Anirban DasGupta says, “We are going to continue with our contest model introduced in the previous puzzle. Each correct answer receives 3 points, each incorrect answer receives -2 points, and each item left unanswered receives -1 point. The top three scorers will be recognized. You can answer just one of the two problems, 50.1 and 50.2, although answering both will be really nice.”

Puzzle 50.1 Suppose you have n i.i.d. observations from a one-dimensional normal distribution with mean μ, −∞ < μ < ∞, and a known variance. Let G be any proper prior on μ and δ_G(X¯ ) the posterior mean of μ. Prove, or disprove by providing a counterexample, that there exists a value of X¯ such that δ_G(X¯ ) < −10⁶ X¯.

Puzzle 50.2 For our contest problem, answer True or False, without the need to provide a proof. But reasoned answers are especially welcome. Here are the items.

(a) The sample median is an inadmissible estimator of a one-dimensional normal mean μ if the loss function is (μ−a)⁴.

(b) If X₁,X₂, …,X_n are i.i.d. standard exponential, then lim sup [E(max(X₁,X₂, …,X_n)) − log n] < .50.

(c) If F(x) is the CDF of an absolutely continuous distribution on the real line with a completely unknown density f(x), then it is possible to construct an unbiased estimate of f provided the sample size is 5 or more.

(d) If Z has a standard normal distribution, then one can find independent random variables X and Y, each possessing a density, such that Z = X Y in law.

(e) If F(x) is the CDF of an absolutely continuous distribution on the real line with a continuously differentiable density f(x), and |f′(x)| ≤ 100 for all x, then f is bounded above by 20.

(f) The Jeffrey prior on a multinomial probability vector (p₁, …,p_k), where p_k = 1 −∑^k−1_i=1 p_i, is improper if k ≥ 3.

(g) If X has a Poisson distribution with mean one, then E(X^X) < ∞.

(h) Suppose X, Y each has a finite variance, that E(X |Y ) = Y and E(Y |X) = 0. Then Y = 0 with probability one.

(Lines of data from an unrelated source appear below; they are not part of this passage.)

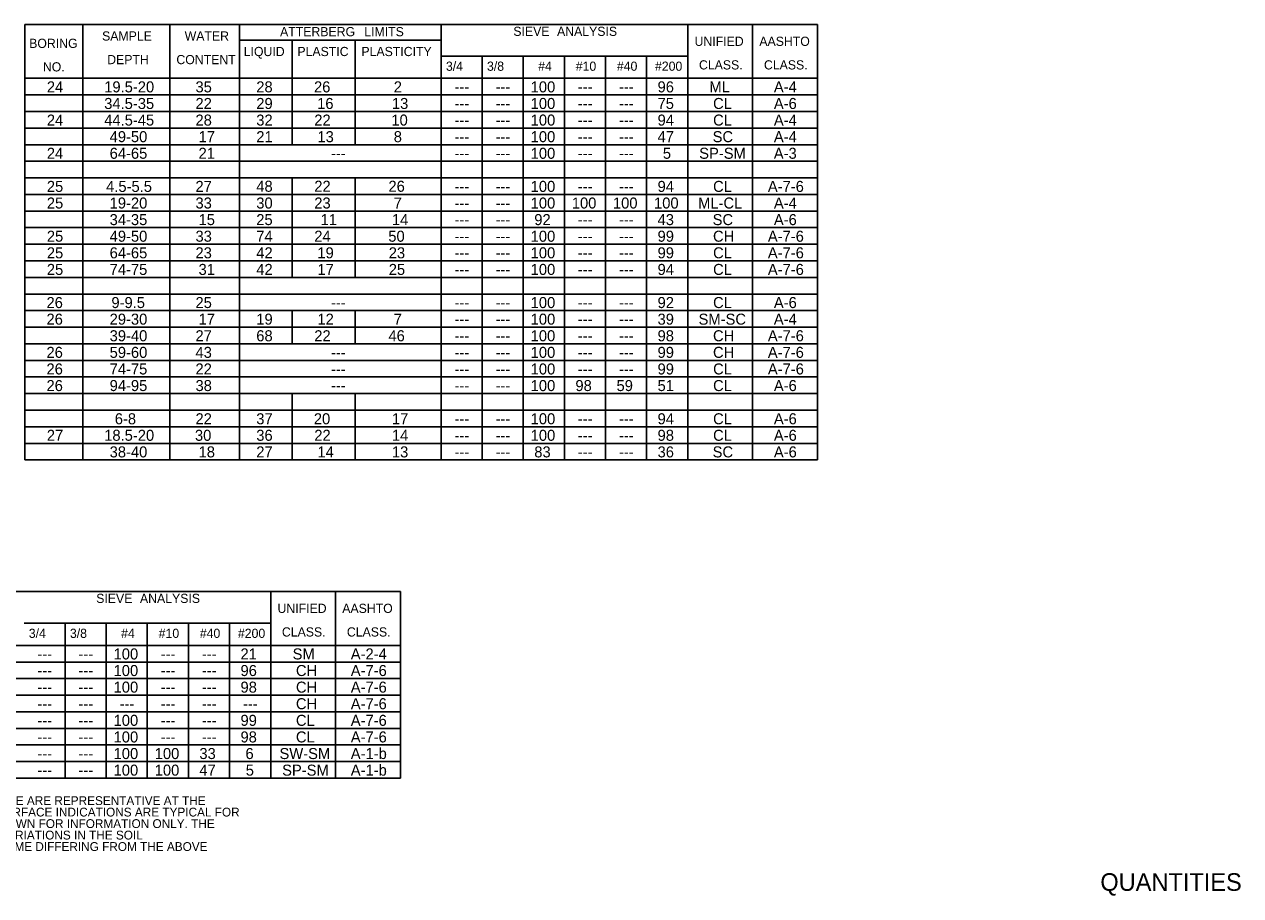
# Model space of a CAD drawing. Extents: x 1197542 to 1207464, y 185022 to 237324.
# Drawn here: x 1207298.3 to 1207463.9, y 185021.7 to 185140.3 of the extents above; entities that cross this region are included whole.
import ezdxf

# ---------------------------------------------------------------- set-up
doc = ezdxf.new("R2010")
doc.units = 0
doc.layers.add('R_Annotation', color=7, linetype='Continuous')
doc.layers.add('R_No Plot', color=7, linetype='Continuous')

msp = doc.modelspace()

# ---------------------------------------------------------------- linework, layer by layer
at = {"layer": 'R_No Plot'}
for p, q in [((1207298.31, 185140.29), (1207298.31, 185140.29)), ((1207298.31, 185140.29), (1207406.27, 185140.29)), ((1207298.31, 185081), (1207298.31, 185140.29)), ((1207306.24, 185081), (1207306.24, 185140.29)), ((1207318.08, 185081), (1207318.08, 185140.29)), ((1207327.58, 185081), (1207327.58, 185140.29)), ((1207355.02, 185081), (1207355.02, 185140.29)), ((1207388.61, 185081), (1207388.61, 185140.29)), ((1207397.44, 185081), (1207397.44, 185140.29)), ((1207406.27, 185081), (1207406.27, 185140.29)), ((1207327.58, 185138.13), (1207355.02, 185138.13)), ((1207334.74, 185123.91), (1207334.74, 185138.13)), ((1207343.32, 185123.91), (1207343.32, 185138.13)), ((1207355.02, 185135.97), (1207388.61, 185135.97)), ((1207360.62, 185081), (1207360.62, 185135.97)), ((1207366.21, 185081), (1207366.21, 185135.97)), ((1207371.81, 185081), (1207371.81, 185135.97)), ((1207377.41, 185081), (1207377.41, 185135.97)), ((1207383.01, 185081), (1207383.01, 185135.97)), ((1207298.31, 185132.95), (1207406.27, 185132.95)), ((1207388.61, 185132.95), (1207406.27, 185132.95)), ((1207298.31, 185130.69), (1207406.27, 185130.69)), ((1207298.31, 185128.43), (1207406.27, 185128.43)), ((1207298.31, 185126.17), (1207406.27, 185126.17)), ((1207298.31, 185123.91), (1207406.27, 185123.91)), ((1207298.31, 185121.65), (1207406.27, 185121.65)), ((1207298.31, 185119.39), (1207406.27, 185119.39)), ((1207334.74, 185105.84), (1207334.74, 185119.39)), ((1207343.32, 185105.84), (1207343.32, 185119.39)), ((1207298.31, 185117.14), (1207406.27, 185117.14)), ((1207298.31, 185114.88), (1207406.27, 185114.88)), ((1207298.31, 185112.62), (1207406.27, 185112.62)), ((1207298.31, 185110.36), (1207406.27, 185110.36)), ((1207298.31, 185108.1), (1207406.27, 185108.1)), ((1207298.31, 185105.84), (1207406.27, 185105.84)), ((1207298.31, 185103.58), (1207406.27, 185103.58)), ((1207298.31, 185101.32), (1207406.27, 185101.32)), ((1207334.74, 185096.81), (1207334.74, 185101.32)), ((1207343.32, 185096.81), (1207343.32, 185101.32)), ((1207298.31, 185099.07), (1207406.27, 185099.07)), ((1207298.31, 185096.81), (1207406.27, 185096.81)), ((1207298.31, 185094.55), (1207406.27, 185094.55)), ((1207298.31, 185092.29), (1207406.27, 185092.29)), ((1207298.31, 185090.03), (1207406.27, 185090.03)), ((1207334.74, 185081), (1207334.74, 185090.03)), ((1207343.32, 185081), (1207343.32, 185090.03)), ((1207298.31, 185087.77), (1207406.27, 185087.77)), ((1207298.31, 185085.51), (1207406.27, 185085.51)), ((1207298.31, 185083.25), (1207406.27, 185083.25)), ((1207298.31, 185081), (1207406.27, 185081)), ((1207241.5, 185063.1), (1207349.47, 185063.1)), ((1207331.81, 185037.68), (1207331.81, 185063.1)), ((1207340.64, 185037.68), (1207340.64, 185063.1)), ((1207349.47, 185037.68), (1207349.47, 185063.1)), ((1207298.22, 185058.78), (1207331.81, 185058.78)), ((1207303.81, 185037.68), (1207303.81, 185058.78)), ((1207309.41, 185037.68), (1207309.41, 185058.78)), ((1207315.01, 185037.68), (1207315.01, 185058.78)), ((1207320.61, 185037.68), (1207320.61, 185058.78)), ((1207326.21, 185037.68), (1207326.21, 185058.78)), ((1207241.5, 185055.75), (1207349.47, 185055.75)), ((1207331.81, 185055.75), (1207349.47, 185055.75)), ((1207241.5, 185053.49), (1207349.47, 185053.49)), ((1207241.5, 185051.24), (1207349.47, 185051.24)), ((1207241.5, 185048.98), (1207349.47, 185048.98)), ((1207241.5, 185046.72), (1207349.47, 185046.72)), ((1207241.5, 185044.46), (1207349.47, 185044.46)), ((1207241.5, 185042.2), (1207349.47, 185042.2)), ((1207241.5, 185039.94), (1207349.47, 185039.94)), ((1207241.5, 185037.68), (1207349.47, 185037.68))]:
    msp.add_line(p, q, dxfattribs=at)

# ---------------------------------------------------------------- texts
at = {"layer": 'R_Annotation'}
msp.add_text('QUANTITIES', height=2.4, rotation=360, dxfattribs=at).set_placement((1207444.8, 185022.34))
at = {"layer": 'R_No Plot'}
for s, height, p in [('SAMPLE', 1.25, (1207308.85, 185138.08)), ('WATER', 1.25, (1207320.1, 185138.08)), ('ATTERBERG', 1.25, (1207333.09, 185138.67)), ('LIMITS', 1.25, (1207344.56, 185138.67)), ('SIEVE', 1.25, (1207364.86, 185138.72)), ('ANALYSIS', 1.25, (1207370.81, 185138.72)), ('UNIFIED', 1.25, (1207389.54, 185137.36)), ('AASHTO', 1.25, (1207398.36, 185137.36)), ('BORING', 1.25, (1207298.92, 185137.08)), ('LIQUID', 1.25, (1207328.14, 185135.97)), ('PLASTIC', 1.25, (1207335.45, 185135.97)), ('PLASTICITY', 1.25, (1207344.17, 185135.97)), ('DEPTH', 1.25, (1207309.55, 185134.87)), ('CONTENT', 1.25, (1207318.97, 185134.87)), ('3/4', 1.25, (1207355.68, 185133.97)), ('3/8', 1.25, (1207361.27, 185133.97)), ('#10', 1.25, (1207373.36, 185133.97)), ('#40', 1.25, (1207378.96, 185133.97)), ('#200', 1.25, (1207384.15, 185133.97)), ('CLASS.', 1.25, (1207390.14, 185134.15)), ('CLASS.', 1.25, (1207398.99, 185134.15)), ('NO.', 1.25, (1207300.79, 185133.88)), ('#4', 1.25, (1207368.24, 185133.97)), ('24', 1.5, (1207301.33, 185131.03)), ('19.5-20', 1.5, (1207309.14, 185131.03)), ('35', 1.5, (1207321.57, 185131.03)), ('28', 1.5, (1207329.85, 185131.03)), ('26', 1.5, (1207337.71, 185131.03)), ('2', 1.5, (1207348.57, 185131.03)), ('100', 1.5, (1207367.22, 185131.03)), ('96', 1.5, (1207384.5, 185131.03)), ('ML', 1.5, (1207391.56, 185131.03)), ('A-4', 1.5, (1207400.34, 185131.03)), ('34.5-35', 1.5, (1207309.14, 185128.77)), ('22', 1.5, (1207321.57, 185128.77)), ('29', 1.5, (1207329.85, 185128.77)), ('16', 1.5, (1207338.14, 185128.77)), ('13', 1.5, (1207348.32, 185128.77)), ('---', 1.5, (1207356.85, 185131.03)), ('---', 1.5, (1207362.44, 185131.03)), ('100', 1.5, (1207367.22, 185128.77)), ('---', 1.5, (1207373.64, 185131.03)), ('---', 1.5, (1207379.24, 185131.03)), ('75', 1.5, (1207384.5, 185128.77)), ('CL', 1.5, (1207392.06, 185128.77)), ('A-6', 1.5, (1207400.34, 185128.77)), ('---', 1.5, (1207356.85, 185128.77)), ('---', 1.5, (1207362.44, 185128.77)), ('---', 1.5, (1207373.64, 185128.77)), ('---', 1.5, (1207379.24, 185128.77)), ('24', 1.5, (1207301.33, 185126.51)), ('44.5-45', 1.5, (1207309.14, 185126.51)), ('28', 1.5, (1207321.57, 185126.51)), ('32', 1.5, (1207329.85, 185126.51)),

(i) Pick a permutation of {1, 2, …, n} at random. Then the probability that the cycle containing 1 has length k is the same for all k.

Solution to Puzzle 49

Well done Debanjan Bhattacharjee (ISI Delhi), and Bilol Banerjee (ISI Kolkata) for sending in correct solutions!

Puzzle 49.1

Denote the normal observations as $X_1, \cdots , X_n$ and the Cauchy observations as $Y_1, \cdots , Y_n$. Then, denoting the minimum and the maximum of $X_1, \cdots , X_n$ as $X_{(1)}, X_{(n)}$ respectively, $P(X_{(1)} \leq Y_1 \leq X_{(n)}) = E[\arctan (X_{(n)}) – \arctan (X_{(1)})]$ \[ = 2\,E[\arctan (X_{(n)})] = 2\,n\,\int \arctan(x)\, \Phi(x)^{n-1}\,\phi(x)\,dx = \theta_n, \] and $\mu_n = n\,\theta_n$. In particular, $\mu_2 = .493, \mu_5 = 2.46, \mu_{10} = 6.031, \mu_{30} = 20.951, \mu_{100} = 75.307$, etc. $\mu_n$ of course converges to $\infty $ as $n \to \infty$. A better question is how many of the Cauchy values do not fall within the convex hull of the normal values. The asymptotic behavior of $n-\mu_n$ can be found by an asymptotic expansion of the arctan function “at infinity”. You will get $n-\mu_n \, \sim \, 2\,n/(\pi \,\sqrt{2\,\log n})$. For $n = 500$, the true value of $n-\mu_n$ is 102, and the theoretical order above predicts it to be a little less than 91.

Puzzle 49.2

We can safely classify $-50.64, -6.41, 6.65, 12.42$ as not coming from a standard normal distribution. So we have to identify the remaining three Cauchy values among
$-1.39, -0.72, -0.70, -0.16, -0.11, 0.24, 0.92, 1.01, 1.17, 1.75$.
The three largest likelihood ratios in favor of Cauchy for these observations are for $1.75, -0.16, -0.11$. Quite interestingly, $-0.16, -0.11$ are indeed Cauchy observations in our simulated set, though the other Cauchy observation is $-1.39$, not $1.75$. One can also compute the likelihood ratio for each of the three-element subsets of the above 10 values, and select that subset with the largest likelihood ratio. There are many other options as well.